* [DATA FOR THIS EXERCISE]
- Opening Delimiter -

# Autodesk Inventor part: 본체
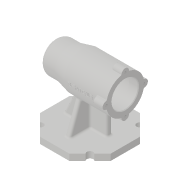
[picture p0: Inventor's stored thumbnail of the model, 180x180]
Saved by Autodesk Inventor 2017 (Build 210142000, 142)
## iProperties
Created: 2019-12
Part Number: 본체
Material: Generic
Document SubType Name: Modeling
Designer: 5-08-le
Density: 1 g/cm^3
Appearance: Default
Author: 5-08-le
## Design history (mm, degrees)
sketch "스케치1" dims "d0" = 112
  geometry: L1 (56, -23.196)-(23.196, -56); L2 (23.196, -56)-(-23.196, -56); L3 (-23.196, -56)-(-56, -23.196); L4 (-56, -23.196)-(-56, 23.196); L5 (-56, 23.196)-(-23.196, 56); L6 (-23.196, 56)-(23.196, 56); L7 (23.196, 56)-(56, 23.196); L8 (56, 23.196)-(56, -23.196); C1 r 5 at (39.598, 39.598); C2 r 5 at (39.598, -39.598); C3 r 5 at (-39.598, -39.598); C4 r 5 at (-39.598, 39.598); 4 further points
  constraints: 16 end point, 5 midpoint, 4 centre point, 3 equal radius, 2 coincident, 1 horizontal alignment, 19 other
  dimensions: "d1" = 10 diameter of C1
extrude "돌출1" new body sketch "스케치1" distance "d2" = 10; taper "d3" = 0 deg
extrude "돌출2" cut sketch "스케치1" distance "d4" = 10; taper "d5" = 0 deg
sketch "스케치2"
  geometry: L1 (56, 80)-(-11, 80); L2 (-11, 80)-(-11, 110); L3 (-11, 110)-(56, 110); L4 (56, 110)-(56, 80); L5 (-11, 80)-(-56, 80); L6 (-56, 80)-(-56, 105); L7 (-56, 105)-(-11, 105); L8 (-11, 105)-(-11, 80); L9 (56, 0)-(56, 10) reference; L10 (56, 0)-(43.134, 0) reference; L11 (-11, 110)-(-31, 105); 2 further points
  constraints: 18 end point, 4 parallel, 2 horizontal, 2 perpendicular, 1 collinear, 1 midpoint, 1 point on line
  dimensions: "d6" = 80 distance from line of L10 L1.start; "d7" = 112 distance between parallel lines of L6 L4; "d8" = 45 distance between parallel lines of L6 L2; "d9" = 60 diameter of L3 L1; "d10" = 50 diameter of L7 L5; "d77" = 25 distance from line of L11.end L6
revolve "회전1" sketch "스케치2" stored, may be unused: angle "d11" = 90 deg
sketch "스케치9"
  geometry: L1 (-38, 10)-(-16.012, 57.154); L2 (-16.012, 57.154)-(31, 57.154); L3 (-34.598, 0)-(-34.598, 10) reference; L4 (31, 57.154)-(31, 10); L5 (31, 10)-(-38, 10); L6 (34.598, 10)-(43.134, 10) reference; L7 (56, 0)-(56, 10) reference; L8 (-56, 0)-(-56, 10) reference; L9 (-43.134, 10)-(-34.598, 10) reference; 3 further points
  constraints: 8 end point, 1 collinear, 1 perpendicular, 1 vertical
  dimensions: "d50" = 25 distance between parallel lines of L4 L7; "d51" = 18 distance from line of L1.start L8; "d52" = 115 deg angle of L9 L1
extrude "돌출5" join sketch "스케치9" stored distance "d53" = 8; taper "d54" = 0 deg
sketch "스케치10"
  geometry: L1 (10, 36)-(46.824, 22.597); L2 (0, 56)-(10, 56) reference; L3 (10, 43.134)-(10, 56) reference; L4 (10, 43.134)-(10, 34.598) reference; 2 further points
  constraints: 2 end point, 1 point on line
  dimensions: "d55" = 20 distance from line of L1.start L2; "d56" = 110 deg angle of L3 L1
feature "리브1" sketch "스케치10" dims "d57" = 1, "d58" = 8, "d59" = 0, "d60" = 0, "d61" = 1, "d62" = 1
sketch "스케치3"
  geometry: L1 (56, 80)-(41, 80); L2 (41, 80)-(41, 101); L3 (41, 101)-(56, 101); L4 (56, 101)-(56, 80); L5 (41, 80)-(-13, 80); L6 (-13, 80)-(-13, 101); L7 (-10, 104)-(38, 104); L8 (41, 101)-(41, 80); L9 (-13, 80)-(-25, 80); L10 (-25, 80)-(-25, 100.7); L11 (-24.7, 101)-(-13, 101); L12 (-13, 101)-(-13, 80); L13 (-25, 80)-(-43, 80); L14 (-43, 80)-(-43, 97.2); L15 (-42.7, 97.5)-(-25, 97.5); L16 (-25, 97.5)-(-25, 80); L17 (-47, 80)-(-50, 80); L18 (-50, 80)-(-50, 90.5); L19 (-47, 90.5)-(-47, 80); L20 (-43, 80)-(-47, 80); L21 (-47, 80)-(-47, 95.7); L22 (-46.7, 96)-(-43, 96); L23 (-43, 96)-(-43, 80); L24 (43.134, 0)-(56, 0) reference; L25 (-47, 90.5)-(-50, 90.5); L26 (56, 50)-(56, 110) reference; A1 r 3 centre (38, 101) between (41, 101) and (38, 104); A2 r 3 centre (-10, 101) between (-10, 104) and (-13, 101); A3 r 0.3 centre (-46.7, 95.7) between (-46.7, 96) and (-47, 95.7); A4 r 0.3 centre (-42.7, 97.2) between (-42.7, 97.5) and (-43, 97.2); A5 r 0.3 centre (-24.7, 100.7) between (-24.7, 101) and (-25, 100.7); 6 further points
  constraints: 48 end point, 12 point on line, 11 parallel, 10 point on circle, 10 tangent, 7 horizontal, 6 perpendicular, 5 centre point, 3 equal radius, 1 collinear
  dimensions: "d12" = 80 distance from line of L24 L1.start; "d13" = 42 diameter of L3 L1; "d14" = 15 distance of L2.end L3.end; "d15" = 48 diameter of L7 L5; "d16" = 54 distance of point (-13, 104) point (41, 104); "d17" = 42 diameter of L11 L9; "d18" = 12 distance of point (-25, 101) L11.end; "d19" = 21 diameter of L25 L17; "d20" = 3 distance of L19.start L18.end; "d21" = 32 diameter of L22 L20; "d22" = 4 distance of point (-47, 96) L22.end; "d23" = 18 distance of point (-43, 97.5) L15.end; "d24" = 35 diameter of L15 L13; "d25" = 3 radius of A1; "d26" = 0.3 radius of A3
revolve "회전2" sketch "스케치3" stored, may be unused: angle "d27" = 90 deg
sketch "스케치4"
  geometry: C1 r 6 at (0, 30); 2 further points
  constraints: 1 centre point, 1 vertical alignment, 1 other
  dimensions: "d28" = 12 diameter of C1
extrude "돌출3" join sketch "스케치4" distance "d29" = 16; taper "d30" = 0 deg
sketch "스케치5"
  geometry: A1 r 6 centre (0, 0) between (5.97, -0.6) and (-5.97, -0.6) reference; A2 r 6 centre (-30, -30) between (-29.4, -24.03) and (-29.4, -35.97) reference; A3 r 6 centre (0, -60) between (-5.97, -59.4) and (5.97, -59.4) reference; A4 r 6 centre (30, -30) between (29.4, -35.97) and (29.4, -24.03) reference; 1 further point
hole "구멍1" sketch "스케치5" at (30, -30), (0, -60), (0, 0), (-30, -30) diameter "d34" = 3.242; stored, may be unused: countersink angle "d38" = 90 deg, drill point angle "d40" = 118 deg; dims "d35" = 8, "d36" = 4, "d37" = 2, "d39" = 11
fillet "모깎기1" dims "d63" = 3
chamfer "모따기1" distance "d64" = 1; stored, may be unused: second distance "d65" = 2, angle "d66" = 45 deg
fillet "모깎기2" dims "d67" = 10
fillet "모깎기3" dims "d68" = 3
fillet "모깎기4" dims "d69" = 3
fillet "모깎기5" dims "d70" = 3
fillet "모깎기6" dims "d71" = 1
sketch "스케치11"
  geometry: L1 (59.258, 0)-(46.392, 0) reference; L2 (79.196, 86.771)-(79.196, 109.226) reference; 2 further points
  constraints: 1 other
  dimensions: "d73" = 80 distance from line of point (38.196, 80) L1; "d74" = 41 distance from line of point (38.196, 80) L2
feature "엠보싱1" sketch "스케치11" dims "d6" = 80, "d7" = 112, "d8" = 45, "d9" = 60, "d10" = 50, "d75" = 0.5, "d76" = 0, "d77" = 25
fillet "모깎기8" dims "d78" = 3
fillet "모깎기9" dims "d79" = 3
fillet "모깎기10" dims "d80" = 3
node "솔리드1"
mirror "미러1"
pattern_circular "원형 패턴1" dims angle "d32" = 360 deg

- Closing Delimiter -

* [PROBLEM] What is needed is the number of lines in the data that hold the word "Inventor", and nothing more.

* [SOLUTION FOR THIS PROBLEM] 3